*Exercise details:* What you return should match the material below line for line, except that no image appears in it.

*Record extracts:*
————

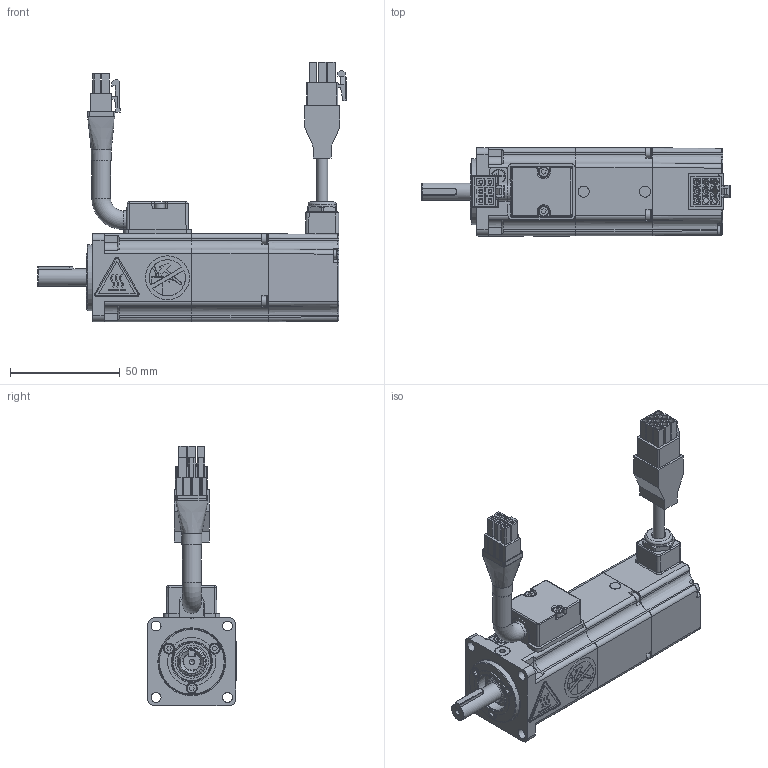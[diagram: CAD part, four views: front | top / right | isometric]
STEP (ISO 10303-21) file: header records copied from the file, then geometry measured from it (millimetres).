
FILE_DESCRIPTION(/* description */ ('AdapterTestApp'),/* implementation_level */ '2;1');
FILE_NAME(/* name */ 'TCE40 1A XX 3 A2 1 D0',/* time_stamp */ '2015-09-25T11:47:44+02:00',/* author */ ('AdapterTestApp'),/* organization */ ('Siemens PLM Software'),/* preprocessor_version */ 'ST-DEVELOPER v15.6',/* originating_system */ 'DEX',/* authorisation */ $);
FILE_SCHEMA (('AUTOMOTIVE_DESIGN {1 0 10303 214 3 1 1}'));
Products named in the file (33): TCE40 1A XX 3 A2 1 D0_vuoto; 003103001506; 005123000910; U5190003_vuoto; 003120002500; 001799000503; 005911000598; 003108015152_curva; 003303000376; 005453000452_D8,5; 007102000211; 001107000616; 003108020178_dritto; 005603001018; 003303000021; 005711000200; 005123000992; 003155000300; 005911001001; 003003199319; 003911000272; 005008000104; 005008000134; 005113000108; 005911003639; 005204000004; 005204000002; 003251022000; 005119000350; 005204000001; 005911000185
Assembly tree (45 placements, depth 4):
  TCE40 1A XX 3 A2 1 D0_vuoto
    003103001506
    005123000910
    U5190003_vuoto
      003120002500
      001799000503
      005911000598  x2
      003108015152_curva
        003108015152_curva
        003303000376
        005453000452_D8,5
    007102000211
      001107000616
      003108020178_dritto
        003108020178_dritto
        005603001018
        003303000021
        005711000200  x2
    005123000992
    003155000300
    005911001001  x4
    003003199319
    003911000272  x2
    005008000104  x2
    005008000134  x3
    005113000108
    005911003639  x3
    005204000004
    005204000002
    003251022000
    005119000350
    005204000001
    005911000185  x3
Bounding box: 140.4 x 40.4 x 118.3 mm (x, y, z)
Volume: 84299.2 mm3; surface area: 82628.9 mm2
Topology: 47 solids, 47 shells, 2027 faces, 5129 edges, 3313 vertices
Faces by surface type: plane 1306, cylinder 405, cone 107, torus 89, bspline 63, extrusion 37, sphere 20
Full cylindrical faces by diameter (mm): 2.013 x25, 2.459 x11, 2.5 x16, 2.6 x9, 2.7 x14, 4.2 x2, 4.5 x4, 4.7 x13, 5 x9, 5.2 x1, 5.3 x2, 5.5 x1, 5.99 x1, 6 x3, 6.5 x1, 7 x1, 7.2 x1, 7.99 x1, 8 x4, 8.1 x1, 8.5 x2, 8.51 x1, 9.11 x1, 9.5 x1, 10 x2, 10.16 x2, 10.3 x2, 10.647 x1, 11 x2, 11.16 x2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
Entity records: 62616 total; most frequent: CARTESIAN_POINT 17784, DIRECTION 8743, ORIENTED_EDGE 8730, EDGE_CURVE 4365, VECTOR 3121, LINE 3084, VERTEX_POINT 3002, AXIS2_PLACEMENT_3D 2811

————

*Result:*
[diagram: CAD part, four views: front | top / right | isometric]
STEP (ISO 10303-21) file: header records copied from the file, then geometry measured from it (millimetres).
FILE_DESCRIPTION(/* description */ ('AdapterTestApp'),/* implementation_level */ '2;1');
FILE_NAME(/* name */ 'TCE40 1A XX 3 A2 1 D0',/* time_stamp */ '2015-09-25T11:47:44+02:00',/* author */ ('AdapterTestApp'),/* organization */ ('Siemens PLM Software'),/* preprocessor_version */ 'ST-DEVELOPER v15.6',/* originating_system */ 'DEX',/* authorisation */ $);
FILE_SCHEMA (('AUTOMOTIVE_DESIGN {1 0 10303 214 3 1 1}'));
Products named in the file (33): TCE40 1A XX 3 A2 1 D0_vuoto; 003103001506; 005123000910; U5190003_vuoto; 003120002500; 001799000503; 005911000598; 003108015152_curva; 003303000376; 005453000452_D8,5; 007102000211; 001107000616; 003108020178_dritto; 005603001018; 003303000021; 005711000200; 005123000992; 003155000300; 005911001001; 003003199319; 003911000272; 005008000104; 005008000134; 005113000108; 005911003639; 005204000004; 005204000002; 003251022000; 005119000350; 005204000001; 005911000185
Assembly tree (45 placements, depth 4):
  TCE40 1A XX 3 A2 1 D0_vuoto
    003103001506
    005123000910
    U5190003_vuoto
      003120002500
      001799000503
      005911000598  x2
      003108015152_curva
        003108015152_curva
        003303000376
        005453000452_D8,5
    007102000211
      001107000616
      003108020178_dritto
        003108020178_dritto
        005603001018
        003303000021
        005711000200  x2
    005123000992
    003155000300
    005911001001  x4
    003003199319
    003911000272  x2
    005008000104  x2
    005008000134  x3
    005113000108
    005911003639  x3
    005204000004
    005204000002
    003251022000
    005119000350
    005204000001
    005911000185  x3
Bounding box: 140.4 x 40.4 x 118.3 mm (x, y, z)
Volume: 84299.2 mm3; surface area: 82628.9 mm2
Topology: 47 solids, 47 shells, 2027 faces, 5129 edges, 3313 vertices
Faces by surface type: plane 1306, cylinder 405, cone 107, torus 89, bspline 63, extrusion 37, sphere 20
Full cylindrical faces by diameter (mm): 2.013 x25, 2.459 x11, 2.5 x16, 2.6 x9, 2.7 x14, 4.2 x2, 4.5 x4, 4.7 x13, 5 x9, 5.2 x1, 5.3 x2, 5.5 x1, 5.99 x1, 6 x3, 6.5 x1, 7 x1, 7.2 x1, 7.99 x1, 8 x4, 8.1 x1, 8.5 x2, 8.51 x1, 9.11 x1, 9.5 x1, 10 x2, 10.16 x2, 10.3 x2, 10.647 x1, 11 x2, 11.16 x2
Entity records: 62616 total; most frequent: CARTESIAN_POINT 17784, DIRECTION 8743, ORIENTED_EDGE 8730, EDGE_CURVE 4365, VECTOR 3121, LINE 3084, VERTEX_POINT 3002, AXIS2_PLACEMENT_3D 2811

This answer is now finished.